An emotionally distant, easily frustrated man, Philippe has a revolving door of caregivers, few of whom are able to stay on the job for longer than a month or so. Driss is one of the latest applicants for the unenviable position of spending time with this crank -- as well as taking care of such basic duties as bathing and dressing him -- and he couldn't desire the job any less. He only turns up for the interview in the first place to get a form signed that will secure his unemployment benefits. But Philippe unexpectedly takes a liking to this bold, fearless individual and hires him on a trial basis (over the objections of his staff and friends) giving him a place to live in his sizeable mansion and a healthy stipend.

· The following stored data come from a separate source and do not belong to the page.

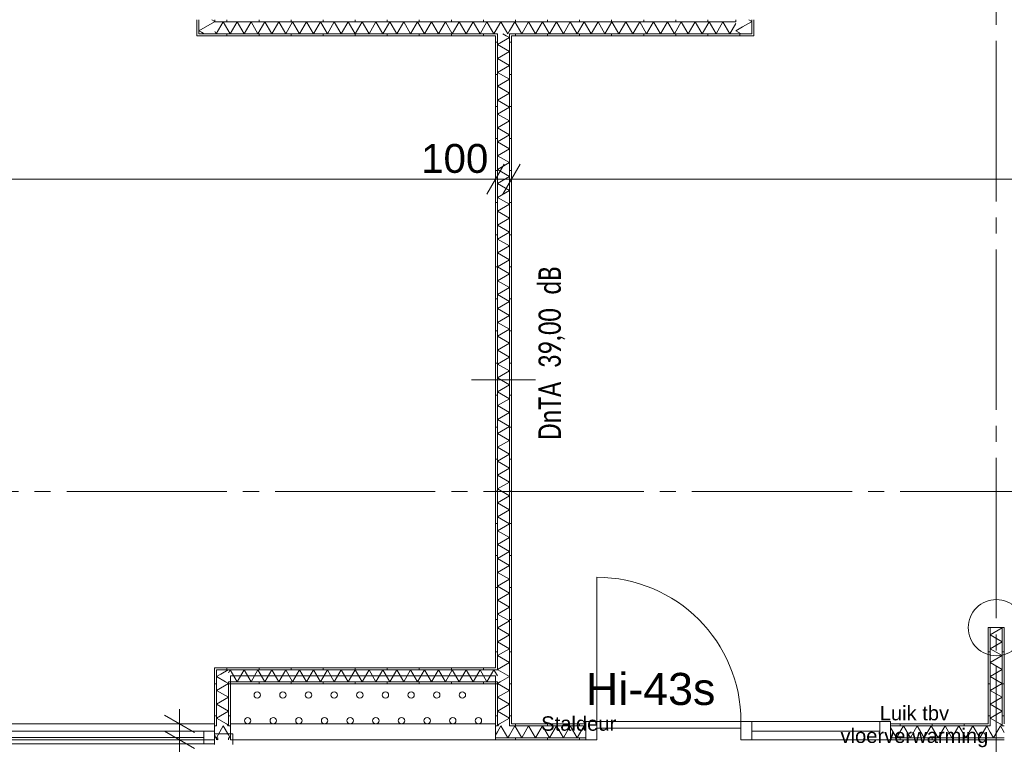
# Model space of a CAD drawing. Header units: millimetres. Extents: x 10 to 584, y 10 to 831.
# Tile 72 of 79: x 377 to 438, y 675 to 721. Entities that reach past the tile are written whole.
import ezdxf
from ezdxf.xclip import XClip

# ---------------------------------------------------------------- set-up
doc = ezdxf.new("R2010")
doc.units = ezdxf.units.MM
doc.header["$MEASUREMENT"] = 0
doc.header["$XCLIPFRAME"] = 0
doc.linetypes.add('B0204', pattern=[13, 10, -1, 1, -1])
for name, color, linetype in [('22 NC Binnenwanden', 7, 'Continuous'), ('22 NC Binnenwanden Deuren', 7, 'Continuous'), ('22 NC Binnenwanden Deurlabels', 7, 'Continuous'), ('22 NC Binnenwanden Doorsnede-arcering', 7, 'Continuous'), ('22 NC Binnenwanden Laagscheidingslijnen', 7, 'Continuous'), ('22 NC Binnenwanden Ramen', 7, 'Continuous'), ('28 Draagconstructies', 7, 'Continuous'), ('73 Keuken', 7, 'Continuous'), ('82 Interieur', 7, 'Continuous'), ('A Stramien', 7, 'Continuous'), ('Maatvoering 1_ 50_100', 7, 'Continuous'), ('Tekst_dim 1_ 50_100', 7, 'Continuous')]:
    doc.layers.add(name, color=color, linetype=linetype)
doc.styles.add('GENERATED_STYLE_1', font='txt')
doc.styles.add('GENERATED_STYLE_3', font='txt')
pattern_1 = [(1e-14, (78, 259.1879), (0, 2), [])]
pattern_2 = [(270, (78, 259.1879), (2, 0), [])]
pattern_3 = [(180, (78, 259.1879), (0, 2), [])]
pattern_4 = [(90, (78, 259.1879), (-2, 0), [])]

# ---------------------------------------------------------------- blocks, each defined once
blk = doc.blocks.new('*X171')
at = {"layer": '22 NC Binnenwanden Doorsnede-arcering', "color": 7, "linetype": 'Continuous', "lineweight": 0}
blk.add_line((407.208, 719.723), (407.424, 719.598), dxfattribs=at)
blk = doc.blocks.new('*X172')
at = {"layer": '22 NC Binnenwanden Doorsnede-arcering', "color": 7, "linetype": 'Continuous', "lineweight": 0}
for q in [(407.009, 676.688), (406.963, 676.563)]:
    blk.add_line((406.878, 676.612), q, dxfattribs=at)
blk = doc.blocks.new('*X173')
at = {"layer": '22 NC Binnenwanden Doorsnede-arcering', "color": 7, "linetype": 'Continuous', "lineweight": 0}
for p, q in [((406.878, 719.047), (407.628, 719.48)), ((407.424, 719.598), (407.628, 719.48)), ((406.878, 719.047), (407.628, 718.614)), ((406.878, 718.181), (407.628, 718.614)), ((406.878, 718.181), (407.628, 717.748)), ((406.878, 717.315), (407.628, 717.748)), ((406.878, 717.315), (407.628, 716.882)), ((406.878, 716.449), (407.628, 716.882)), ((406.878, 716.449), (407.628, 716.016)), ((406.878, 715.583), (407.628, 716.016)), ((406.878, 715.583), (407.628, 715.15)), ((406.878, 714.717), (407.628, 715.15)), ((406.878, 714.717), (407.628, 714.284)), ((406.878, 713.851), (407.628, 714.284)), ((406.878, 713.851), (407.628, 713.418)), ((406.878, 712.985), (407.628, 713.418)), ((406.878, 712.985), (407.628, 712.552)), ((406.878, 712.119), (407.628, 712.552)), ((406.878, 712.119), (407.628, 711.686)), ((406.878, 711.253), (407.628, 711.686)), ((406.878, 711.253), (407.628, 710.82)), ((406.878, 710.387), (407.628, 710.82)), ((406.878, 710.387), (407.628, 709.954)), ((406.878, 709.521), (407.628, 709.954)), ((406.878, 709.521), (407.628, 709.088)), ((406.878, 708.655), (407.628, 709.088)), ((406.878, 708.655), (407.628, 708.222)), ((406.878, 707.789), (407.628, 708.222)), ((406.878, 707.789), (407.628, 707.356)), ((406.878, 706.923), (407.628, 707.356)), ((406.878, 706.923), (407.628, 706.49)), ((406.878, 706.057), (407.628, 706.49)), ((406.878, 706.057), (407.628, 705.624)), ((406.878, 705.191), (407.628, 705.624)), ((406.878, 705.191), (407.628, 704.758)), ((406.878, 704.325), (407.628, 704.758)), ((406.878, 704.325), (407.628, 703.892)), ((406.878, 703.459), (407.628, 703.892)), ((406.878, 703.459), (407.628, 703.026)), ((406.878, 702.593), (407.628, 703.026)), ((406.878, 702.593), (407.628, 702.16)), ((406.878, 701.727), (407.628, 702.16)), ((406.878, 701.727), (407.628, 701.294)), ((406.878, 700.861), (407.628, 701.294)), ((406.878, 700.861), (407.628, 700.428)), ((406.878, 699.995), (407.628, 700.428)), ((406.878, 699.995), (407.628, 699.562)), ((406.878, 699.129), (407.628, 699.562)), ((406.878, 699.129), (407.628, 698.696)), ((406.878, 698.263), (407.628, 698.696)), ((406.878, 698.263), (407.628, 697.83)), ((406.878, 697.397), (407.628, 697.83)), ((406.878, 697.397), (407.628, 696.964)), ((406.878, 696.531), (407.628, 696.964)), ((406.878, 696.531), (407.628, 696.098)), ((406.878, 695.665), (407.628, 696.098)), ((406.878, 695.665), (407.628, 695.232)), ((406.878, 694.799), (407.628, 695.232)), ((406.878, 694.799), (407.628, 694.366)), ((406.878, 693.933), (407.628, 694.366)), ((406.878, 693.933), (407.628, 693.5)), ((406.878, 693.067), (407.628, 693.5)), ((406.878, 693.067), (407.628, 692.634)), ((406.878, 692.201), (407.628, 692.634)), ((406.878, 692.201), (407.628, 691.768)), ((406.878, 691.335), (407.628, 691.768)), ((406.878, 691.335), (407.628, 690.902)), ((406.878, 690.469), (407.628, 690.902)), ((406.878, 690.469), (407.628, 690.036)), ((406.878, 689.603), (407.628, 690.036)), ((406.878, 689.603), (407.628, 689.17)), ((406.878, 688.736), (407.628, 689.17)), ((406.878, 688.736), (407.628, 688.303)), ((406.878, 687.87), (407.628, 688.303)), ((406.878, 687.87), (407.628, 687.437)), ((406.878, 687.004), (407.628, 687.437)), ((406.878, 687.004), (407.628, 686.571)), ((406.878, 686.138), (407.628, 686.571)), ((406.878, 686.138), (407.628, 685.705)), ((406.878, 685.272), (407.628, 685.705)), ((406.878, 685.272), (407.628, 684.839)), ((406.878, 684.406), (407.628, 684.839)), ((406.878, 684.406), (407.628, 683.973)), ((406.878, 683.54), (407.628, 683.973)), ((406.878, 683.54), (407.628, 683.107)), ((406.878, 682.674), (407.628, 683.107)), ((406.878, 682.674), (407.628, 682.241)), ((406.878, 681.808), (407.628, 682.241)), ((406.878, 681.808), (407.628, 681.375)), ((406.878, 680.942), (407.628, 681.375)), ((406.878, 680.942), (407.628, 680.509)), ((406.878, 680.076), (407.628, 680.509)), ((406.878, 680.076), (406.901, 680.063))]:
    blk.add_line(p, q, dxfattribs=at)
blk = doc.blocks.new('*X174')
at = {"layer": '22 NC Binnenwanden Doorsnede-arcering', "color": 7, "linetype": 'Continuous', "lineweight": 0}
for p in [(406.901, 680.063), (407.056, 679.313)]:
    blk.add_line(p, (407.628, 679.643), dxfattribs=at)
blk = doc.blocks.new('*X175')
at = {"layer": '22 NC Binnenwanden Doorsnede-arcering', "color": 7, "linetype": 'Continuous', "lineweight": 0}
for p, q in [((406.878, 679.21), (407.056, 679.313)), ((406.878, 679.21), (407.628, 678.777)), ((406.878, 678.344), (407.628, 678.777)), ((406.878, 678.344), (407.628, 677.911)), ((406.878, 677.478), (407.628, 677.911)), ((406.878, 677.478), (407.628, 677.045)), ((407.009, 676.688), (407.628, 677.045))]:
    blk.add_line(p, q, dxfattribs=at)
blk = doc.blocks.new('*X187')
at = {"layer": '22 NC Binnenwanden Doorsnede-arcering', "color": 7, "linetype": 'Continuous', "lineweight": 0}
for p, q in [((407.956, 720.473), (407.628, 719.905)), ((407.956, 720.473), (408.389, 719.723)), ((408.822, 720.473), (408.389, 719.723)), ((408.822, 720.473), (409.255, 719.723)), ((409.688, 720.473), (409.255, 719.723)), ((409.688, 720.473), (410.121, 719.723)), ((410.554, 720.473), (410.121, 719.723)), ((410.554, 720.473), (410.987, 719.723)), ((411.42, 720.473), (410.987, 719.723)), ((411.42, 720.473), (411.853, 719.723)), ((412.286, 720.473), (411.853, 719.723)), ((412.286, 720.473), (412.719, 719.723)), ((413.152, 720.473), (412.719, 719.723)), ((413.152, 720.473), (413.585, 719.723)), ((414.018, 720.473), (413.585, 719.723)), ((414.018, 720.473), (414.451, 719.723)), ((414.884, 720.473), (414.451, 719.723)), ((414.884, 720.473), (415.317, 719.723)), ((415.75, 720.473), (415.317, 719.723)), ((415.75, 720.473), (416.183, 719.723)), ((416.616, 720.473), (416.183, 719.723)), ((416.616, 720.473), (417.049, 719.723)), ((417.482, 720.473), (417.049, 719.723)), ((417.482, 720.473), (417.915, 719.723)), ((418.348, 720.473), (417.915, 719.723)), ((418.348, 720.473), (418.781, 719.723)), ((419.214, 720.473), (418.781, 719.723)), ((419.214, 720.473), (419.647, 719.723)), ((420.08, 720.473), (419.647, 719.723)), ((420.08, 720.473), (420.513, 719.723)), ((420.946, 720.473), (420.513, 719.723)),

You can probably guess where this odd couple relationship is going and you'd be exactly right. Just like Hoke and Miss Daisy and Bagger and Rannulph, Driss teaches Philippe how to loosen up, let his proverbial hair down and enjoy life instead of hiding from it. In return, Philippe gives Driss a sense of responsibility and adds some structure to his previously aimless life. They further solidify their brotherly bond through such stunts as paragliding through the French Alps and hooking Philippe up with the hot woman he's been exchanging letters with. Eventually, everyone in Philippe's house comes to embrace Driss and his unconventional ways, casting off their stuffy, fuddy-duddy attitudes and shaking their groove thangs to the driving beat of Driss's favorite musical act, Earth Wind & Fire. (Expect that to be changed to Jay-Z for the inevitable American remake.)

Conspicuously not mentioned amongst any of this is the racial and class divide between the two main characters. That's obviously by design; writer/directors Olivier Nakache and Eric Toledano are primarily out to tell a story about how friendship bridges all cultural and societal gaps. (It's worth noting that The Intouchables is based on a true story and the real Driss and Philippe appear in video footage during the closing credits.) It's a sweet sentiment and Sy and Cluzet are so appealing in these roles that you want to buy into the rosy, harmonious picture of male bonding that the film presents. But reality is rarely that simple and The Intouchables does both the audience and the men whose story inspired the movie a disservice by studiously avoiding the larger conflicts that can block the road to peace, love and understanding. In trying to tell the story of an honest, sincere friendship, the movie comes off as an entirely dishonest and insincere.